• 2004 sayılı kanuna ait Hükümet Tasarısı Gerekçesi

     «303, 304 ve 307. maddelere göre müflisin itibarının yerine getirilebilmesi için borçlarını ödemiş olması lazımdır. Müflisin, masaya kaydedilmiş alacaklılarından bazısı, sonradan kendisini ibra ettikleri ve makbuz yerine ibra kağıdı verdikleri surette, hiçbir tereddüte mahal kalmaması için, mezkur maddelerde geçen ve sıkı bir manada tefsire müsait olan (ödeme) yerine, ibrayı da şamil olan, (itfa) tabirinin ikamesi münasip görüldü.»



  • Adliye Encümeni Mazbatası Gerekçesi

     «İflâs kararı verildikten sonra müflis borçlu, alacakların kaydı için muayyen müddet bittikten iflâs kapanıncaya kadar, alacaklıların iflâs talebini geri aldıkları veya borcu itfa ettiğini veya teklif ettiği konkordatonun kabul ve tasdikini mahkemeye arzederek, iflâsın kalkmasını isteyeceği faslı mahsusunda mevcut hükümler iktizasından olmakla, bu suretle iflâs kalkmadıkça tasfiye her ne şekilde olursa olsun bitmekle ve iflâsın kapandığı ilan edilmekle, iflâs kararının müflise karşı olan hukuki tesirleri bertaraf edilmiş olmaz.
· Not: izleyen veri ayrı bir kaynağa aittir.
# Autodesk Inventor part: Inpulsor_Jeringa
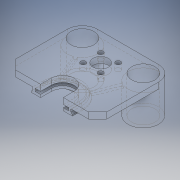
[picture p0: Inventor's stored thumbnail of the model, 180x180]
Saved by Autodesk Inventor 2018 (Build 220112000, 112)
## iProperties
Part Number: Inpulsor_Jeringa
Material: Genérico
Document SubType Name: Modeling
Designer: ULISES
Density: 1 g/cm^3
Appearance: Valor por defecto
Author: ULISES
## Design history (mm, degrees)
sketch "Boceto1"
  geometry: L1 (0, 0)-(60, 0); L2 (60, 0)-(60, 50); L3 (60, 50)-(0, 50); L4 (0, 50)-(0, 0); C1 r 7.6 at (10, 40); C2 r 7.6 at (50, 40); C3 r 5.05 at (30, 32); C4 r 1.65 at (35.75, 37.75); C5 r 1.65 at (24.25, 37.75); C6 r 1.65 at (24.25, 26.25); C7 r 1.65 at (35.75, 26.25)
  constraints: 8 end point, 7 centre point, 2 parallel, 1 horizontal, 1 horizontal alignment, 1 perpendicular, 9 other
  dimensions: "d0" = 40 distance of C2.centre C1.centre; "d1" = 10 distance from line of L2 C2.centre (= 0.5 x d2 - 0.5 x d0); "d2" = 60 distance of L2.end L3.end; "d3" = 8 vertical distance of C2.centre C3.centre; "d4" = 50 distance of L1.end L2.end; "d5" = 20 horizontal distance of C2.centre C3.centre (= 0.5 x d0); "d6" = 10 distance from line of L3 C2.centre (= d1); "d7" = 15.2 diameter of C2; "d8" = 15.2 diameter of C1; "d9" = 10.1 diameter of C3; "d15" = 5.75 horizontal distance of C3.centre C4.centre; "d16" = 5.75 horizontal distance of C4.centre C3.centre (= d15); "d17" = 3.3 diameter of C4; "d20" = 360 deg dimension on C3.centre C4.centre (derived)
extrude "Extrusión1" new body sketch "Boceto1" distance "d10" = 4; taper "d11" = 0 deg
sketch "Boceto2"
  geometry: L1 (0, 50)-(0, 0) reference; L2 (-60, 0)-(-60, 50) reference; C1 r 7.6 at (-10, 40) reference; C2 r 7.6 at (-50, 40) reference; C3 r 10 at (-10, 40); C4 r 10 at (-50, 40)
  constraints: 2 centre point, 2 tangent
extrude "Extrusión2" join sketch "Boceto2" distance "d12" = 20; taper "d13" = 0 deg
fillet "Empalme1" dims "d14" = 10
sketch "Boceto4" dims "d23" = 15
  geometry: L1 (-50, 50)-(-10, 50) reference; L2 (-60, 0)-(-60, 40) reference; L3 (0, 0)-(-60, 0) reference; L4 (0, 40)-(0, 0) reference; L5 (-37.5, 7)-(-22.5, 7); L6 (-22.5, 7)-(-22.5, -9); L7 (-22.5, -9)-(-37.5, -9); L8 (-37.5, -9)-(-37.5, 7); C1 r 5.05 at (-30, 32) reference; C2 r 5.05 at (-30, 32) reference; C3 r 1.65 at (-35.75, 26.25) reference; C4 r 1.65 at (-24.25, 26.25) reference; C5 r 1.65 at (-24.25, 37.75) reference; C6 r 1.65 at (-35.75, 37.75) reference; A1 r 10 centre (-10, 40) between (-10, 50) and (0, 40) reference; A2 r 10 centre (-50, 40) between (-60, 40) and (-50, 50) reference; 2 further points
  constraints: 8 end point, 2 parallel, 2 vertical, 1 horizontal, 1 horizontal alignment, 1 perpendicular, 1 vertical alignment, 2 other
  dimensions: "d22" = 25 distance of point (-30, 7) C1.centre; "d24" = 16 distance of L5.end L6.end
extrude "Extrusión3" cut sketch "Boceto4" distance "d25" = 10; taper "d26" = 0 deg
sketch "Boceto7"
  geometry: L1 (-37.5, 0)-(-37.5, 7) reference; L2 (-22.5, 7)-(-22.5, 0) reference; L3 (-41, 0)-(-41, 7); L4 (-19, 7)-(-19, 0); L5 (-42.5, 0)-(-42.5, 7); L6 (-17.5, 7)-(-17.5, 0); L7 (0, 0)-(-22.5, 0) reference; L8 (-42.5, 0)-(-41, 0); L9 (-19, 0)-(-17.5, 0); A1 r 7.5 centre (-30, 7) between (-22.5, 7) and (-37.5, 7) reference; A2 r 11 centre (-30, 7) between (-19, 7) and (-41, 7); A3 r 12.5 centre (-30, 7) between (-17.5, 7) and (-42.5, 7)
  constraints: 14 end point, 4 point on circle, 2 centre point, 2 collinear, 4 other
  dimensions: "d30" = 3.5 radial gap between concentric circles of A1 A2; "d31" = 1.5 radial gap between concentric circles of A2 A3; "d39" = 7.5 radius of A1 (derived); "d40" = 11 radius of A2 (derived)
extrude "Extrusión5" join sketch "Boceto7" distance "d32" = 1.8; taper "d33" = 0 deg
sketch "Boceto8"
  geometry: L1 (-41, 0)-(-41, 7) reference; L2 (-19, 7)-(-19, 0) reference; L3 (-19, 0)-(-17.5, 0) reference; L4 (-17.5, 0)-(-17.5, 7) reference; L5 (-42.5, 7)-(-42.5, 0) reference; L6 (-42.5, 0)-(-41, 0) reference; L7 (-19, 0)-(-19, 7) reference; L8 (-41, 7)-(-41, 0) reference; L9 (-37.5, 0)-(-41, 0) reference; L10 (-37.5, 0)-(-37.5, 7) reference; L11 (-22.5, 7)-(-22.5, 0) reference; L12 (-19, 0)-(-22.5, 0) reference; L13 (-16.5, 7)-(-16.5, 0); L14 (-43.5, 0)-(-43.5, 7); L15 (-42.5, 0)-(-60, 0) reference; L16 (-19, 0)-(-22.5, 0) reference; L17 (-17.5, 0)-(-16.5, 0); L18 (-43.5, 0)-(-42.5, 0); L19 (-41, 0)-(-40.356, 0); A1 r 11 centre (-30, 7) between (-19, 7) and (-41, 7) reference; A2 r 12.5 centre (-30, 7) between (-17.5, 7) and (-42.5, 7) reference; A3 r 11 centre (-30, 7) between (-19, 7) and (-41, 7) reference; A4 r 7.5 centre (-30, 7) between (-22.5, 7) and (-37.5, 7) reference; A5 r 13.5 centre (-30, 7) between (-16.5, 7) and (-43.5, 7); 1 further point
  constraints: 14 end point, 3 collinear, 3 point on circle, 1 centre point, 1 point on line
  dimensions: "d41" = 1 radial gap between concentric circles of A2 A5
extrude "Extrusión6" join sketch "Boceto8" distance "d34" = 1.8; taper "d35" = 0 deg
chamfer "Chaflán1" distance "d36" = 1; stored, may be unused: second distance "d37" = 2, angle "d38" = 45 deg
chamfer "Chaflán2" distance "d42" = 6; stored, may be unused: second distance "d43" = 2, angle "d44" = 45 deg
sketch "Boceto9"
  geometry: L1 (-15.282, 31.509)-(-21.486, 16.152); L2 (-13.481, 30.626)-(-19.998, 14.497); L3 (-6, 0)-(-17.5, 0) reference; L4 (-30, 0)-(-30, 7); L5 (-44.718, 31.509)-(-38.514, 16.152); L6 (-46.519, 30.626)-(-40.002, 14.497); A1 r 10 centre (-10, 40) between (-15.282, 31.509) and (-13.481, 30.626) reference; A2 r 12.5 centre (-30, 7) between (-17.5, 7) and (-42.5, 7) reference; A3 r 10 centre (-50, 40) between (-60, 40) and (-50, 50) reference; A4 r 10 centre (-50, 40) between (-44.718, 31.509) and (-46.519, 30.626); A5 r 12.5 centre (-30, 7) between (-17.5, 7) and (-42.5, 7); 1 further point
  constraints: 10 end point, 10 point on circle, 7 symmetric about line, 2 centre point, 1 parallel, 1 vertical, 2 other
  dimensions: "d45" = 2 distance between parallel lines of L1 L2; "d46" = 68 deg angle of L1 L3
extrude "Extrusión7" join sketch "Boceto9" distance "d47" = 1.5; taper "d48" = 0 deg
node "Sólido1"
node "Contorno proyectado1"
node "Contorno proyectado3"
node "Contorno proyectado4"

Müflis, mahrum olduğu hakları yeniden iktisap edebilmek için, itibarının yerine gelmesine karar verilmesi lazımdır. İflâsın nevine göre müflisler şu vaziyette üçe ayrılır:

    1) Muamelelerde bulunduğu zamanda, alacaklılarını ızrar kastı ile yaptığı hareketler ve hileli işler sebebiyle, iflâsın hileli sayılarak hakkında cezai takip yapılıp Türk Ceza Kanununa göre ağır hapis cezasına mahkum edilen hileli müflisler,

    2) Kanunda gösterilen sebeplere göre, müncer olan muamelesi taksirli olarak icra edildiği anlaşılan ve ceza mahkemesince mahkum olan taksiratlı müflisler,

    3) Muamelesinde hiçbir hile veya kusur görülmeyip, bir takım zaruretler sebebiyle iflâs etmiş olan adi müflisler.

    Hileli müflisler yalnız iflâs sebebiyle bazı haklarından mahrum kalmış olmayıp cezai mahkumiyetleri de onlar üzerinde fer'i tesirlerini mütemmim ceza olarak devam ettirmiş olduğundan, bunların itibarlarının yerine gelmesine memnu hakların iadesiyle birlikte ceza mahkemesi tarafından karar verilmek lazımdır. Şu hale göre, hileli müflisler CMUK'nunun 416. maddesinden başlayan fasılda yazılı ‘memnu hakların iadesine’ müteallik şeraiti ifa ile beraber, masaya kabul edilen bütün alacakların itfa edildiğine dair makbuz veya sair vesikaları da raptederek, ikametgahının bulunduğu yerdeki ağır ceza mahkemesine müracaat eder.»